▶ [What to do] Using the entries that follow, report how many lines contain the word "OmniClass". Only the number is wanted.

▶ [Collected data entries]
┌────────
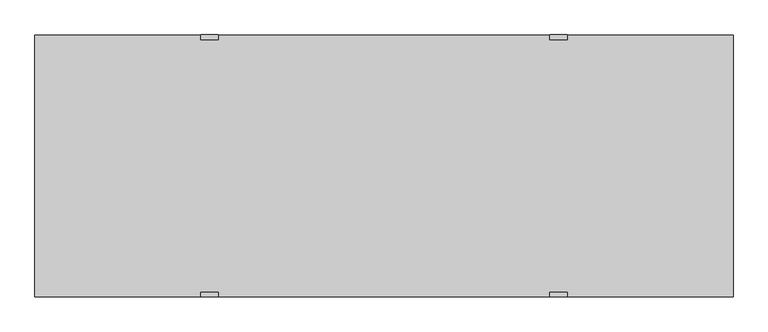
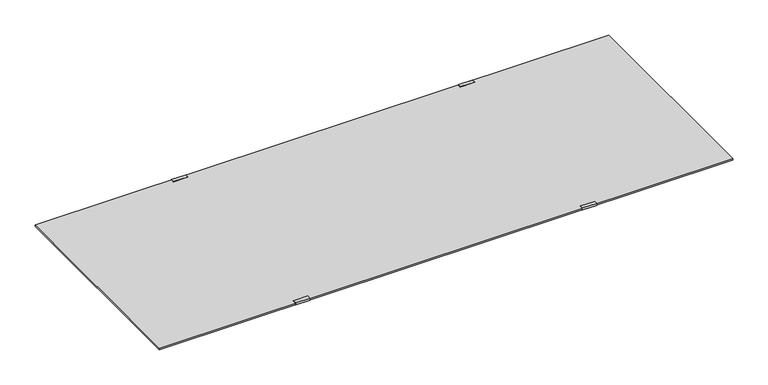
"""IFC4 building model written with IfcOpenShell, lengths in millimetres: proxy geometry."""

from ifc_helpers import new_model, si_unit, frame, origin, origin_with_axes, place, context, project, spatial, polyline, outline, extrude, source, transform, mapped, element, save


def specialty_equipment_fd5685f8(model_context):
    return source(origin(), model_context, "Body", "SweptSolid", [
        extrude(outline(polyline([(-381.0, 6.35), (-381.0, 0.0), (-381.79375, 0.0), (-381.79375, 7.14375), (-368.3, 7.14375), (-368.3, 6.35), (-381.0, 6.35)])), frame((482.6, 0.0, 0.0), z_axis=(1.0, 0.0, 0.0), x_axis=(0.0, 1.0, 0.0)), (0.0, 0.0, 1.0), 50.8),
        extrude(outline(polyline([(-381.0, 6.35), (-381.0, 0.0), (-381.79375, 0.0), (-381.79375, 7.14375), (-368.3, 7.14375), (-368.3, 6.35), (-381.0, 6.35)])), frame((-533.4, 0.0, 0.0), z_axis=(1.0, 0.0, 0.0), x_axis=(0.0, 1.0, 0.0)), (0.0, 0.0, 1.0), 50.8),
        extrude(outline(polyline([(381.0, 6.35), (368.3, 6.35), (368.3, 7.14375), (381.79375, 7.14375), (381.79375, 0.0), (381.0, 0.0), (381.0, 6.35)])), frame((482.6, 0.0, 0.0), z_axis=(1.0, 0.0, 0.0), x_axis=(0.0, 1.0, 0.0)), (0.0, 0.0, 1.0), 50.8),
        extrude(outline(polyline([(381.0, 6.35), (368.3, 6.35), (368.3, 7.14375), (381.79375, 7.14375), (381.79375, 0.0), (381.0, 0.0), (381.0, 6.35)])), frame((-533.4, 0.0, 0.0), z_axis=(1.0, 0.0, 0.0), x_axis=(0.0, 1.0, 0.0)), (0.0, 0.0, 1.0), 50.8),
        extrude(outline(polyline([(1016.0, 381.0), (1016.0, -381.0), (-1016.0, -381.0), (-1016.0, 381.0), (1016.0, 381.0)])), origin_with_axes(), (0.0, 0.0, 1.0), 6.35),
    ])


if __name__ == "__main__":
    model = new_model("IFC4")
    model_context = context("Model", 3, world=origin())
    ifc_project = project(units=[si_unit("LENGTHUNIT", "METRE", prefix="MILLI")], contexts=[model_context])
    site = spatial("IfcSite", under=ifc_project)
    building = spatial("IfcBuilding", under=site)
    placement = place(None, origin())
    specialty_equipment_shape = specialty_equipment_fd5685f8(model_context)
    element("IfcBuildingElementProxy", 1, Name="Bradley-Washroom_Accessories-Mirrors-747_Standard : 60\" x 36\" + BradEX", ObjectType="Bradley-Washroom_Accessories-Mirrors-747_Standard : 60\" x 36\" + BradEX", at=placement, inside=building, context=model_context, shape_type="MappedRepresentation", body=[
        mapped(specialty_equipment_shape, transform((0.0, 0.0, 0.0), x_axis=(1.0, 0.0, 0.0), y_axis=(0.0, 1.0, 0.0), z_axis=(0.0, 0.0, 1.0))),
    ])
    save(model, "model.ifc")

# Revit data of these elements
# Type "Bradley-Washroom_Accessories-Mirrors-747_Standard : 60\" x 36\" + BradEX"
#   Warranty Information = "Complete unit, excepting mirrors warranted for one year.\r\n Stainless steel mirror frames for fifteen years.\r\n Plate glass mirrors for fifteen years.\r\n This warranty does not cover installation or any other labor charges and does not apply to any units,\r\n which have been damaged by accident, abuse, improper installation, improper maintenance, or altered in any way."
#   Version = "1.0"
#   URL = "http://www.bradleycorp.com/"
#   Type Comments = "BradEX 1/4\" Float Glass Mirror"
#   OmniClass Title = "Mirrors"
#   OmniClass Code = "23.40.95.17.17"
#   Modeling Code = ""
#   Model = "747-024360"
#   MasterFormat Title = "Commercial Toilet Accessories"
#   MasterFormat Number = "10 28 13. 13"
#   Manufacturer = "Bradley Corporation"
#   Industry Standards = "ASTM C 1036"
#   Fire Rating = "n/a"
#   Description = "Frameless Mirror, Clip Fasteners, 24 by 36 inches"
#   Copyright = "This Model Data is Property of Bradley Corporation"
#   Buy American Act = "Yes"
#   Assembly Code = "C1030900"
#   ADA Compliant = "Yes"
#   Width = 6' - 8"
#   Height = 2' - 6"
#   Fastener Placement = 1' - 8"
#   Depth = 0' - 0 1/4"
#   Default Elevation = 3' - 4"
#   Reflective Material = Glass - Bradley Corp - BradEX - Polished Float Mirror
#   Frame Material = Bradley Corp Stainless Steel - Satin
# Element 1 (IfcBuildingElementProxy, "Bradley-Washroom_Accessories-Mirrors-747_Standard : 60\" x 36\" + BradEX")
#   Materials on its faces: "Bradley Corp Stainless Steel - Satin", "Glass - Bradley Corp - BradEX - Polished Float Mirror"
# Materials
#   "Glass - Bradley Corp - BradEX - Polished Float Mirror": class "Glass", colour RGB 220 232 220, transparency 0, Manufacturer = "Bradley Corporation", URL = "www.bradleycorp.com", Description = "Stainless Steel - Satin Finish", Cost = 0
#   "Bradley Corp Stainless Steel - Satin": class "Metal", colour RGB 189 187 185, transparency 0, Manufacturer = "Bradley Corporation", URL = "www.bradleycorp.com", Description = "Stainless Steel - Satin Finish", Cost = 0
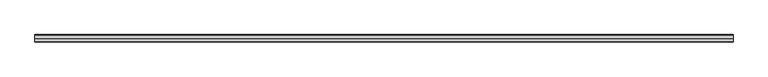
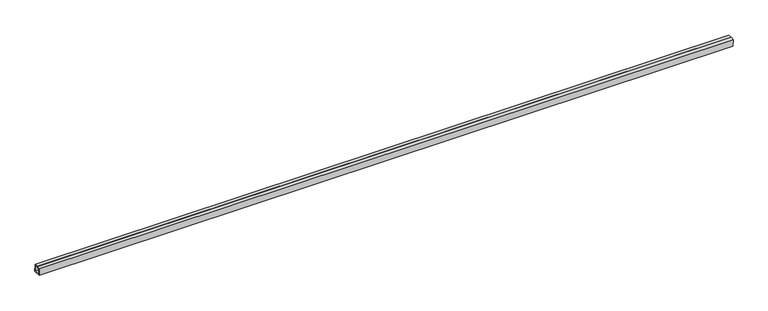
"""IFC4 building model written with IfcOpenShell, lengths in millimetres: proxy geometry, Inner panel:Inner panel:1:Inner panel:1 : Inner panel:Inner panel:300324:2:Inner panel:1:Inner panel:1 : Inner panel:Inner panel:300324:2 : Inner panel:Inner panel:1:Inner panel:1 : Inner panel:Inner panel:300324:300043:39 : Inner panel:Inner panel:1:Inner panel:1 : Inner panel:Inner panel:300324:2:Inner panel:1:Inner panel:1 : Inner panel:Inner panel:300324:2 : Inner panel:Inner panel:1:Inner panel:1 : Inner panel:Inner panel:300324:300043:308120."""

from ifc_helpers import new_model, si_unit, frame, origin, place, context, project, spatial, polyline, outline, extrude, source, transform, mapped, element, save


def generic_models_3d34534d(model_context):
    return source(origin(), model_context, "Body", "SweptSolid", [
        extrude(outline(polyline([(-580481.3921913, 3888.2024845), (-580463.1517681, 3888.9625021), (-580461.5656444, 3850.895532), (-580499.6326145, 3849.3094083), (-580501.2187382, 3887.3763783), (-580482.9783151, 3888.136396), (-580482.8791823, 3885.7572103), (-580498.7404199, 3885.0963254), (-580497.3525616, 3851.7877266), (-580464.0439628, 3853.1755849), (-580465.431821, 3886.4841837), (-580481.2930586, 3885.8232988), (-580481.3921913, 3888.2024845)])), frame((612749.9867239, 0.0, 0.0), z_axis=(1.0, 0.0, 0.0), x_axis=(0.0, 1.0, 0.0)), (0.0, 0.0, 1.0), 3657.6),
    ])


if __name__ == "__main__":
    model = new_model("IFC4")
    model_context = context("Model", 3, world=origin())
    ifc_project = project(units=[si_unit("LENGTHUNIT", "METRE", prefix="MILLI")], contexts=[model_context])
    site = spatial("IfcSite", under=ifc_project)
    building = spatial("IfcBuilding", under=site)
    placement = place(None, origin())
    generic_models_shape = generic_models_3d34534d(model_context)
    element("IfcBuildingElementProxy", 1, Name="Inner panel:Inner panel:1:Inner panel:1 : Inner panel:Inner panel:300324:2:Inner panel:1:Inner panel:1 : Inner panel:Inner panel:300324:2 : Inner panel:Inner panel:1:Inner panel:1 : Inner panel:Inner panel:300324:300043:39 : Inner panel:Inner panel:1:Inner panel:1 : Inner panel:Inner panel:300324:2:Inner panel:1:Inner panel:1 : Inner panel:Inner panel:300324:2 : Inner panel:Inner panel:1:Inner panel:1 : Inner panel:Inner panel:300324:300043:308120", ObjectType="Inner panel:Inner panel:1:Inner panel:1 : Inner panel:Inner panel:300324:2:Inner panel:1:Inner panel:1 : Inner panel:Inner panel:300324:2 : Inner panel:Inner panel:1:Inner panel:1 : Inner panel:Inner panel:300324:300043:39 : Inner panel:Inner panel:1:Inner panel:1 : Inner panel:Inner panel:300324:2:Inner panel:1:Inner panel:1 : Inner panel:Inner panel:300324:2 : Inner panel:Inner panel:1:Inner panel:1 : Inner panel:Inner panel:300324:300043:308120", at=placement, inside=building, context=model_context, shape_type="MappedRepresentation", body=[
        mapped(generic_models_shape, transform((0.0, 0.0, 0.0), x_axis=(1.0, 0.0, 0.0), y_axis=(0.0, 1.0, 0.0), z_axis=(0.0, 0.0, 1.0))),
    ])
    save(model, "model.ifc")

# Revit data of these elements
# Type "Inner panel:Inner panel:1:Inner panel:1 : Inner panel:Inner panel:300324:2:Inner panel:1:Inner panel:1 : Inner panel:Inner panel:300324:2 : Inner panel:Inner panel:1:Inner panel:1 : Inner panel:Inner panel:300324:300043:39 : Inner panel:Inner panel:1:Inner panel:1 : Inner panel:Inner panel:300324:2:Inner panel:1:Inner panel:1 : Inner panel:Inner panel:300324:2 : Inner panel:Inner panel:1:Inner panel:1 : Inner panel:Inner panel:300324:300043:308120"
#   NameOverride = "Inner panel:Inner panel:1:Inner panel:1 : Inner panel:Inner panel:300324:2:Inner panel:1:Inner panel:1 : Inner panel:Inner panel:300324:2 : Inner panel:Inner panel:1:Inner panel:1 : Inner panel:Inner panel:300324:300043:308120"
#   ObjectTypeOverride = "Inner panel:1:Inner panel:1 : Inner panel:Inner panel:300324:2 : Inner panel:Inner panel:1:Inner panel:1 : Inner panel:Inner panel:300324:300043"
#   Reference = "Inner panel"
#   Tag = "308120"
# Element 1 (IfcBuildingElementProxy, "Inner panel:Inner panel:1:Inner panel:1 : Inner panel:Inner panel:300324:2:Inner panel:1:Inner panel:1 : Inner panel:Inner panel:300324:2 : Inner panel:Inner panel:1:Inner panel:1 : Inner panel:Inner panel:300324:300043:39 : Inner panel:Inner panel:1:Inner panel:1 : Inner panel:Inner panel:300324:2:Inner panel:1:Inner panel:1 : Inner panel:Inner panel:300324:2 : Inner panel:Inner panel:1:Inner panel:1 : Inner panel:Inner panel:300324:300043:308120")
#   Materials on its faces: "1 1/2\" X 1 1/2\" SPLIT-SEAM SQUARE TUBING (~24\" CANTILEVER FROM C.L. OF GLULAM)"
# Materials
#   "1 1/2\" X 1 1/2\" SPLIT-SEAM SQUARE TUBING (~24\" CANTILEVER FROM C.L. OF GLULAM)": class "Unassigned", colour RGB 202 201 200, transparency 0, Cost = 0
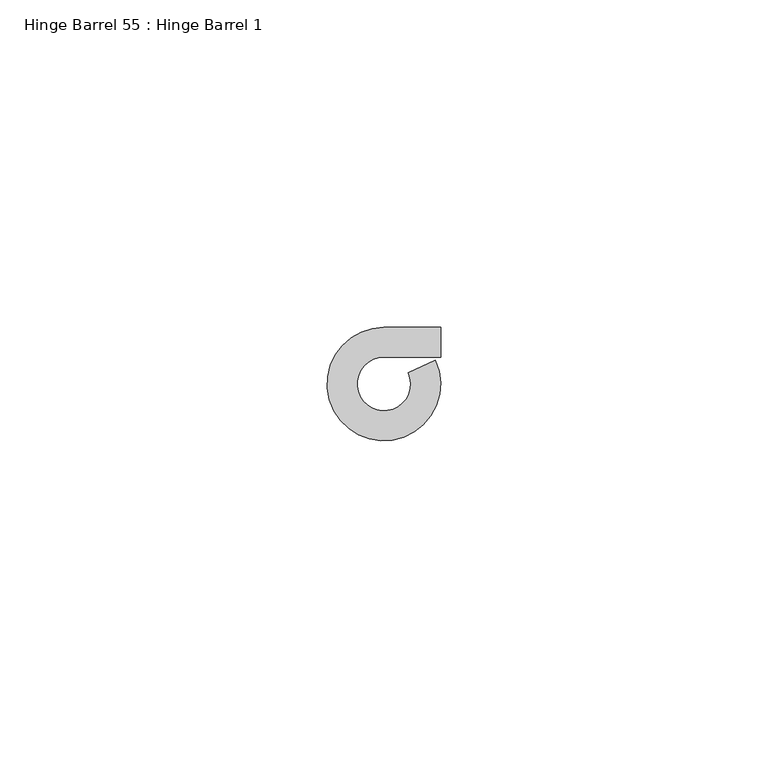
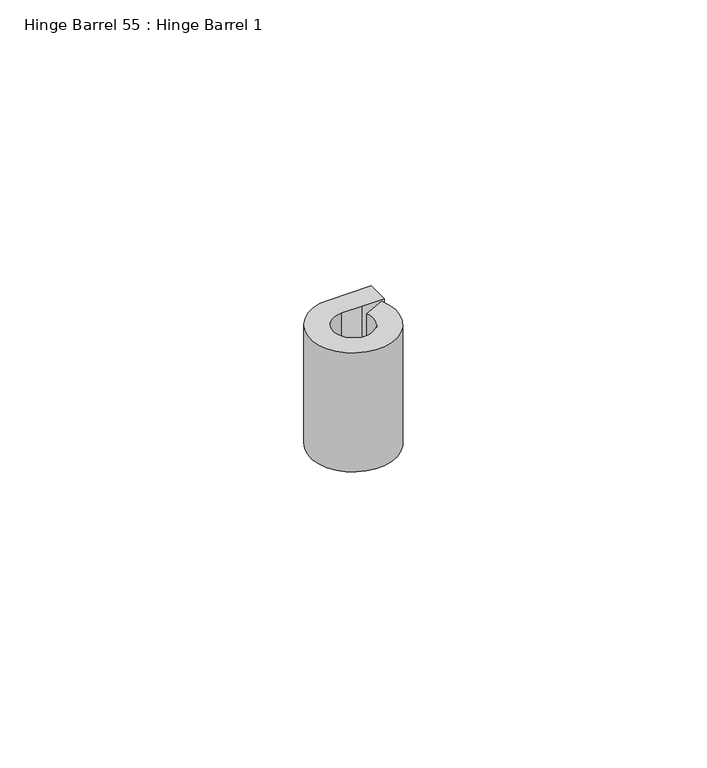
"""IFC4 building model written with IfcOpenShell, lengths in millimetres: proxy geometry, Hinge Barrel 55 : Hinge Barrel 1."""

from ifc_helpers import new_model, si_unit, point, frame, frame_2d, origin, place, context, project, spatial, polyline, circle_curve, trimmed, segment, composite_curve, outline, extrude, source, transform, mapped, element, save


def hinge_barrel_55_hinge_barrel_1_80958469(model_context):
    return source(origin(), model_context, "Body", "SweptSolid", [
        extrude(outline(composite_curve([segment(polyline([(587323.2214739, -536306.2758841), (587319.1320739, -536306.2758841)]), True, "CONTINUOUS"), segment(trimmed(circle_curve(frame_2d((587319.1320739, -536310.3652841)), 4.0894), [point((587319.1320739, -536306.2758841))], [point((587322.8436736, -536308.6485371))], True, "CARTESIAN"), True, "CONTINUOUS"), segment(polyline([(587322.8436736, -536308.6485371), (587326.986084, -536306.7325249)]), True, "CONTINUOUS"), segment(trimmed(circle_curve(frame_2d((587319.1320739, -536310.3652841)), 8.6534625), [point((587326.986084, -536306.7325249))], [point((587319.1320739, -536301.7118216))], False, "CARTESIAN"), True, "CONTINUOUS"), segment(polyline([(587319.1320739, -536301.7118216), (587327.7934739, -536301.7118216), (587327.7934739, -536306.2758841), (587323.2214739, -536306.2758841)]), True, "CONTINUOUS")], self_intersect=False)), frame((0.0, 0.0, 311.15), z_axis=(0.0, 0.0, 1.0), x_axis=(1.0, 0.0, 0.0)), (0.0, 0.0, 1.0), 25.4),
    ])


if __name__ == "__main__":
    model = new_model("IFC4")
    model_context = context("Model", 3, world=origin())
    ifc_project = project(units=[si_unit("LENGTHUNIT", "METRE", prefix="MILLI")], contexts=[model_context])
    site = spatial("IfcSite", under=ifc_project)
    building = spatial("IfcBuilding", under=site)
    placement = place(None, origin())
    hinge_barrel_55_hinge_barrel_1_shape = hinge_barrel_55_hinge_barrel_1_80958469(model_context)
    element("IfcBuildingElementProxy", 1, Name="Hinge Barrel 55 : Hinge Barrel 1", ObjectType="Hinge Barrel 55 : Hinge Barrel 1", at=placement, inside=building, context=model_context, shape_type="MappedRepresentation", body=[
        mapped(hinge_barrel_55_hinge_barrel_1_shape, transform((0.0, 0.0, 0.0), x_axis=(1.0, 0.0, 0.0), y_axis=(0.0, 1.0, 0.0), z_axis=(0.0, 0.0, 1.0))),
    ])
    save(model, "model.ifc")

# Revit data of these elements
# Element 1 (IfcBuildingElementProxy, "Hinge Barrel 55 : Hinge Barrel 1")
#   Materials on its faces: "6\"X6\" WELD-ON STL BUTT HINGE"
# Materials
#   "6\"X6\" WELD-ON STL BUTT HINGE": class "Metal", colour RGB 189 187 185, transparency 0, Description = "Carbon steel", Cost = 0
└────────
▶ [Answer box] 2